TROG 2001
Gliederung
(1) Die Gemeinden haben als Träger von Privatrechten die Verwirklichung der Ziele der örtlichen Raumordnung und der Festlegungen des örtlichen Raumordnungskonzeptes, insbesondere die Sicherung ausreichender Grundflächen für den Wohnbau und für gewerbliche und industrielle Zwecke, anzustreben. Insbesondere dürfen Investitionen und Förderungsmaßnahmen der Gemeinden nur im Einklang mit den Zielen der örtlichen Raumordnung und dem örtlichen Raumordnungskonzept erfolgen.
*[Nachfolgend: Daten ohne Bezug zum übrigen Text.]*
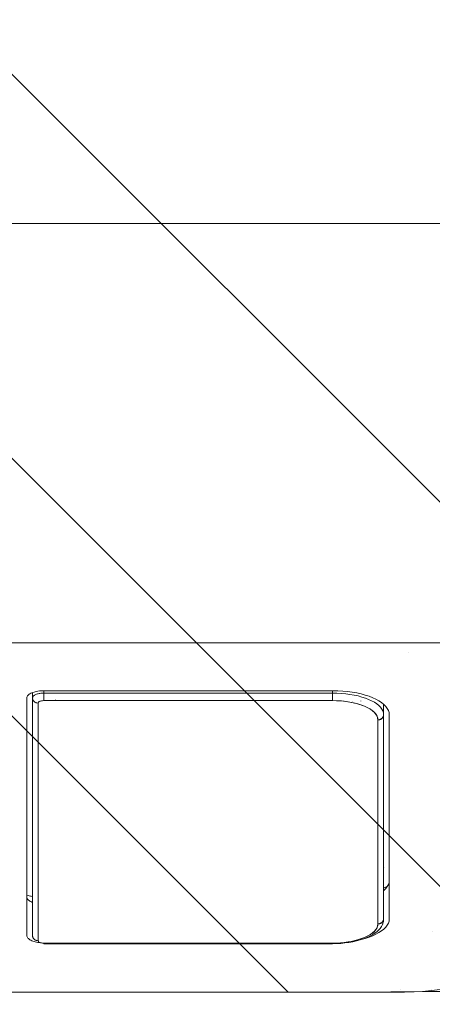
# Model space of a CAD drawing. Header units: inches. Extents: x -416 to -272, y -73 to 47.
# Tile 138 of 206: x -279.685 to -279.114, y -43.993 to -42.629. Entities that reach past the tile are written whole.
import ezdxf

# ---------------------------------------------------------------- set-up
doc = ezdxf.new("R2010")
doc.units = ezdxf.units.IN
doc.header["$LTSCALE"] = 32
doc.header["$MEASUREMENT"] = 0
doc.linetypes.add('Dash Style-1', pattern=[0.083328, 0.041656, -0.041672])
for name, color, linetype, lineweight in [('DashLine', 7, 'Continuous', 13), ('DashLineFill', 7, 'Dash Style-1', 13), ('Drawing', 7, 'Continuous', 18), ('None', 7, 'Continuous', 18), ('SolidLine', 7, 'Continuous', 15)]:
    doc.layers.add(name, color=color, linetype=linetype, lineweight=lineweight)

# ---------------------------------------------------------------- blocks, each defined once
blk = doc.blocks.new('Group-42')
at = {"layer": 'DashLine', "flags": 128}
blk.add_lwpolyline([(1.114173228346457, -2.559055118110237), (70.89370078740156, -2.559055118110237), (70.89370078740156, -30), (1.114173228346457, -30)], close=True, dxfattribs=at)
at = {"layer": 'SolidLine', "flags": 128}
blk.add_lwpolyline([(1.114173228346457, -2.559055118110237), (70.89370078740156, -2.559055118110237), (70.89370078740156, -30), (1.114173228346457, -30)], close=True, dxfattribs=at)
blk = doc.blocks.new('TiMotion_Handset (2D)')
at = {"layer": 'DashLineFill', "linetype": 'Continuous', "lineweight": 13}
h = blk.add_hatch(dxfattribs=at)
h.set_pattern_fill('Steel', color=253, style=0, pattern_type=2)
h.set_pattern_definition([(45, (0, 0), (-1.61301565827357, 1.935715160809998), []), (45, (-1.0608, 1.0608), (-0.4723460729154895, 0.4167612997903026), [])])
h.paths.add_polyline_path([(-0.5650679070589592, 2.440944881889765), (-0.5636889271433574, 2.443168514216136), (-0.5621892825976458, 2.445271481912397), (-0.5605689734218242, 2.447253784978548), (-0.5588279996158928, 2.449115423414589), (-0.5569663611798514, 2.45085639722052), (-0.5549840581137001, 2.452476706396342), (-0.5528810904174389, 2.453976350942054), (-0.5506574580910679, 2.455355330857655), (-0.5483514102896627, 2.456591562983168), (-0.5460011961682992, 2.457662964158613), (-0.543606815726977, 2.458569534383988), (-0.5411682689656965, 2.459311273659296), (-0.5386855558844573, 2.459888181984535), (-0.5361586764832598, 2.460300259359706), (-0.5335876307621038, 2.460547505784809), (-0.5309724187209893, 2.460629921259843), (0.4425815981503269, 2.460629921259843), (0.4451968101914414, 2.460547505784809), (0.4477678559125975, 2.460300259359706), (0.450294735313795, 2.459888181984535), (0.4527774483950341, 2.459311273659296), (0.4552159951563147, 2.458569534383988), (0.4576103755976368, 2.457662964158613), (0.4599605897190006, 2.456591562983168), (0.4622666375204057, 2.455355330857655), (0.4644902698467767, 2.453976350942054), (0.4665932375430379, 2.452476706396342), (0.4685755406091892, 2.45085639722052), (0.4704371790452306, 2.449115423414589), (0.472178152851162, 2.447253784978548), (0.4737984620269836, 2.445271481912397), (0.4752981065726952, 2.443168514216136), (0.4766770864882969, 2.440944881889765), (0.4779133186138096, 2.43863883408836), (0.478984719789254, 2.436288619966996), (0.47989129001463, 2.433894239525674), (0.4806330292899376, 2.431455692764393), (0.4812099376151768, 2.428972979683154), (0.4816220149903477, 2.426446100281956), (0.4818692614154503, 2.423875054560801), (0.4819516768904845, 2.421259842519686), (0.4819516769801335, 1.765582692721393), (0.4825163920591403, 1.763951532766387), (0.4830058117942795, 1.762300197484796), (0.4834199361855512, 1.760628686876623), (0.4837587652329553, 1.758937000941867), (0.4840222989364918, 1.757225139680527), (0.4842105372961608, 1.755493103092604), (0.4843234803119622, 1.753740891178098), (0.484361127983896, 1.751968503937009), (0.484361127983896, -1.751965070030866), (0.4842787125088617, -1.75458028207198), (0.4840314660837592, -1.757151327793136), (0.4836193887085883, -1.759678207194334), (0.483042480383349, -1.762160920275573), (0.4823007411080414, -1.764599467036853), (0.4813941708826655, -1.766993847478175), (0.4803227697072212, -1.769344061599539), (0.4790865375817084, -1.771650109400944), (0.4777075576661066, -1.773873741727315), (0.4762079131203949, -1.775976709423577), (0.4745876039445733, -1.777959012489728), (0.4728466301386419, -1.779820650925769), (0.4709849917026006, -1.781561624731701), (0.4690026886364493, -1.783181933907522), (0.4668997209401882, -1.784681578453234), (0.4646760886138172, -1.786060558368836), (0.4623700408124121, -1.787296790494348), (0.4600198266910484, -1.788368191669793), (0.4576254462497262, -1.789274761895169), (0.4551868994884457, -1.790016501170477), (0.4527041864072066, -1.790593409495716), (0.4501773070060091, -1.791005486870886), (0.447606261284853, -1.791252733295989), (0.4449910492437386, -1.791335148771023), (-1.79051826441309, -1.791335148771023), (-1.793133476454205, -1.791252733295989), (-1.795704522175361, -1.791005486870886), (-1.798231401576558, -1.790593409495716), (-1.800714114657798, -1.790016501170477), (-1.803152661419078, -1.789274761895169), (-1.8055470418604, -1.788368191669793), (-1.807897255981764, -1.787296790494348), (-1.810203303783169, -1.786060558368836), (-1.81242693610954, -1.784681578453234), (-1.814529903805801, -1.783181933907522), (-1.816512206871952, -1.781561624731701), (-1.818373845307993, -1.779820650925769), (-1.820114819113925, -1.777959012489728), (-1.821735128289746, -1.775976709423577), (-1.823234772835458, -1.773873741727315), (-1.82461375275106, -1.771650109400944), (-1.825849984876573, -1.769344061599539), (-1.826921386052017, -1.766993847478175), (-1.827827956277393, -1.764599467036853), (-1.828569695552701, -1.762160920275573), (-1.82914660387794, -1.759678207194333), (-1.829558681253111, -1.757151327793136), (-1.829805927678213, -1.75458028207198), (-1.829888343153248, -1.751965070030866), (-1.829888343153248, 1.751968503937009), (-1.829805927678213, 1.754583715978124), (-1.829558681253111, 1.75715476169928), (-1.82914660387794, 1.759681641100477), (-1.828569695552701, 1.762164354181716), (-1.827827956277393, 1.764602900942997), (-1.826921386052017, 1.766997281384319), (-1.825849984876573, 1.769347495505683), (-1.82461375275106, 1.771653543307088), (-1.823234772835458, 1.773877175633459), (-1.821735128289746, 1.77598014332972), (-1.820114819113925, 1.777962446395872), (-1.818373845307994, 1.779824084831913), (-1.816512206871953, 1.781565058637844), (-1.814529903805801, 1.783185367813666), (-1.81242693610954, 1.784685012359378), (-1.810203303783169, 1.786063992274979), (-1.807897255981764, 1.787300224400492), (-1.8055470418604, 1.788371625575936), (-1.803152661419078, 1.789278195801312), (-1.800714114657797, 1.79001993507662), (-1.798231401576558, 1.790596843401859), (-1.795704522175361, 1.79100892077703), (-1.793133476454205, 1.791256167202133), (-1.79051826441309, 1.791338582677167), (-0.5703424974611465, 1.791338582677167), (-0.5703424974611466, 2.421259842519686), (-0.5702600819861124, 2.423875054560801), (-0.5700128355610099, 2.426446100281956), (-0.569600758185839, 2.428972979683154), (-0.5690238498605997, 2.431455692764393), (-0.5682821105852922, 2.433894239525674), (-0.5673755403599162, 2.436288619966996), (-0.5663041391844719, 2.43863883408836)])
at = {"layer": 'DashLineFill'}
blk.add_open_spline([(-0.5650679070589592, 2.440944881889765), (-0.559793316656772, 2.450080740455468), (-0.5415215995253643, 2.460629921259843), (-0.04419541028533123, 2.460629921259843), (0.4531307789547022, 2.460629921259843), (0.4714024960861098, 2.450080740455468), (0.4819516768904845, 2.431809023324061), (0.4819516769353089, 2.09342126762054), (0.4819516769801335, 1.765582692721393), (0.484361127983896, 1.759098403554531), (0.484361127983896, 1.716953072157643e-06), (0.484361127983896, -1.76251425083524), (0.473811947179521, -1.780785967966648), (0.4555402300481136, -1.791335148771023), (-0.672763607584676, -1.791335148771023), (-1.801067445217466, -1.791335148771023), (-1.819339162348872, -1.780785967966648), (-1.829888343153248, -1.76251425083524), (-1.829888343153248, 1.716953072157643e-06), (-1.829888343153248, 1.762517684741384), (-1.819339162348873, 1.780789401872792), (-1.801067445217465, 1.791338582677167), (-1.180430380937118, 1.791338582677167), (-0.5703424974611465, 1.791338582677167), (-0.5703424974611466, 2.106299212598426), (-0.5703424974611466, 2.431809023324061), (-0.5650679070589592, 2.440944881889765)], degree=2, knots=[0, 0, 0, 0.001659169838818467, 0.003318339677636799, 0.07987838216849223, 0.08153755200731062, 0.08319672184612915, 0.08485589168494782, 0.1364181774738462, 0.1364181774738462, 0.1375061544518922, 0.4048450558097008, 0.4064547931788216, 0.4080645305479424, 0.4096742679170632, 0.5802364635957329, 0.5818462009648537, 0.5834559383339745, 0.5850656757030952, 0.8524045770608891, 0.8540143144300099, 0.8556240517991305, 0.8572337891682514, 0.9503292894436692, 0.9503292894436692, 0.9983902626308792, 1, 1, 1], dxfattribs=at)
at = {"layer": 'Drawing', "color": 7, "linetype": 'Continuous'}
for p, q in [((-1.118964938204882e-15, -1.771653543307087), (0, 1.771653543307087)), ((0.4821715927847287, 1.672430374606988), (0.4805427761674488, 1.68445253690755)), ((0.4833559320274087, 1.660120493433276), (0.4821715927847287, 1.672430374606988)), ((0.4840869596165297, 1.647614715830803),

(2) Die Gemeinden können zum Zweck der Verwirklichung der Ziele der örtlichen Raumordnung und der Festlegungen des örtlichen Raumordnungskonzeptes Verträge mit Grundeigentümern abschließen. Die Einhaltung der Verträge ist auf geeignete Weise sicherzustellen. Die Gemeinde hat die Grundeigentümer gleich zu behandeln. Solche Verträge können die Verpflichtung des Grundeigentümers vorsehen, die jeweiligen Grundflächen innerhalb einer angemessenen Frist einer bestimmten Verwendung zuzuführen. Weiters kann die Verpflichtung vorgesehen werden, Grundflächen der Gemeinde oder dem Tiroler Bodenfonds (§ 93) für einen bestimmten Zweck, insbesondere für den geförderten Wohnbau, zu überlassen. Die Überlassung hat zum Verkehrswert zu erfolgen. Bei Grundflächen, die dem geförderten Wohnbau dienen sollen, ist auch auf § 14 Abs. 1 und 2 des Tiroler Wohnbauförderungsgesetzes 1991, LGBl. Nr. 55, in der jeweils geltenden Fassung Bedacht zu nehmen. In solchen Verträgen ist weiters vorzusehen, dass die Weiterveräußerung durch die Gemeinde bzw. den Tiroler Bodenfonds jedenfalls innerhalb von zehn Jahren höchstens zu jenem Preis erfolgen darf, der dem seinerzeitigen Grundpreis zuzüglich einer allfälligen indexmäßigen Aufwertung und allfälliger Aufwendungen, insbesondere für die Erschließung, entspricht. Dies ist auch für den Fall weiterer Erwerbsvorgänge während dieses Zeitraumes sicherzustellen.